Explain why f(x) = x^2+4x+3/x^2-x-2 is not continuous at x = -1.

Answer 1

Answer:

The value of x = -1 makes the denominator of the function equal to zero. That is why this value is not included in the domain of f(x)

Step-by-step explanation:

We have the following expression

$f(x) = \frac{x^2+4x+3}{x^2-x-2}$

Since the division between zero is not defined then the function f(x) can not include the values of x that make the denominator of the function zero.

Now we search that values of x make 0 the denominator factoring the polynomial $x^2-x-2$

We need two numbers that when adding them get as a result -1 and when multiplying those numbers, obtain -2 as a result.
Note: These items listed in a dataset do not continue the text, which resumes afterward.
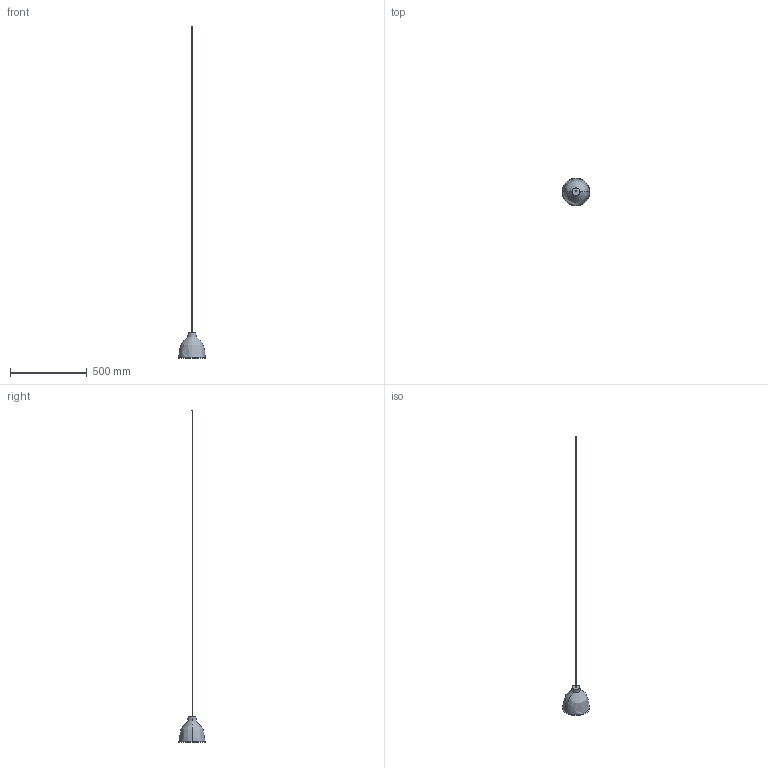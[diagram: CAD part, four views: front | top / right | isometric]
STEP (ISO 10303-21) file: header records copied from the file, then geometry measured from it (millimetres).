
FILE_DESCRIPTION(/* description */ (''),/* implementation_level */ '2;1');
FILE_NAME(/* name */ 'ILKW_WORKSHOP18_Pendant_3D',/* time_stamp */ '2026-08-28T16:45:57+09:00',/* author */ (''),/* organization */ (''),/* preprocessor_version */ 'ST-DEVELOPER v19.2',/* originating_system */ 'Rhino 8.21',/* authorisation */ '');
FILE_SCHEMA (('CONFIG_CONTROL_DESIGN'));
Length unit declared in the file: millimetre
Products named in the file (1): Document
Bounding box: 180.73 x 180.73 x 2163.05 mm (x, y, z)
Volume: 204966.5 mm3; surface area: 130183.1 mm2
Topology: 2 solids, 3 shells, 16 faces, 33 edges, 21 vertices
Faces by surface type: bspline 8, cylinder 4, plane 4
Entity records: 787 total; most frequent: CARTESIAN_POINT 394, ORIENTED_EDGE 58, DIRECTION 56, AXIS2_PLACEMENT_3D 32, EDGE_CURVE 30, TRIMMED_CURVE 20, CIRCLE 20, VERTEX_POINT 19

These numbers are -2 and 1

Then the factors are:

$(x-2) (x + 1)$

We do the same with the numerator

$x^2+4x+3$

We need two numbers that when adding them get as a result 4 and when multiplying those numbers, obtain 3 as a result.

These numbers are 3 and 1

Then the factors are:

$(x+3)(x + 1)$

Therefore

$f(x) = \frac{(x+3)(x+1)}{(x-2)(x+1)}$

Note that $\frac{(x+1)}{(x+1)}=1$ only if $x \neq -1$

So since $x = -1$ is not included in the domain the function has a discontinuity in $x = -1$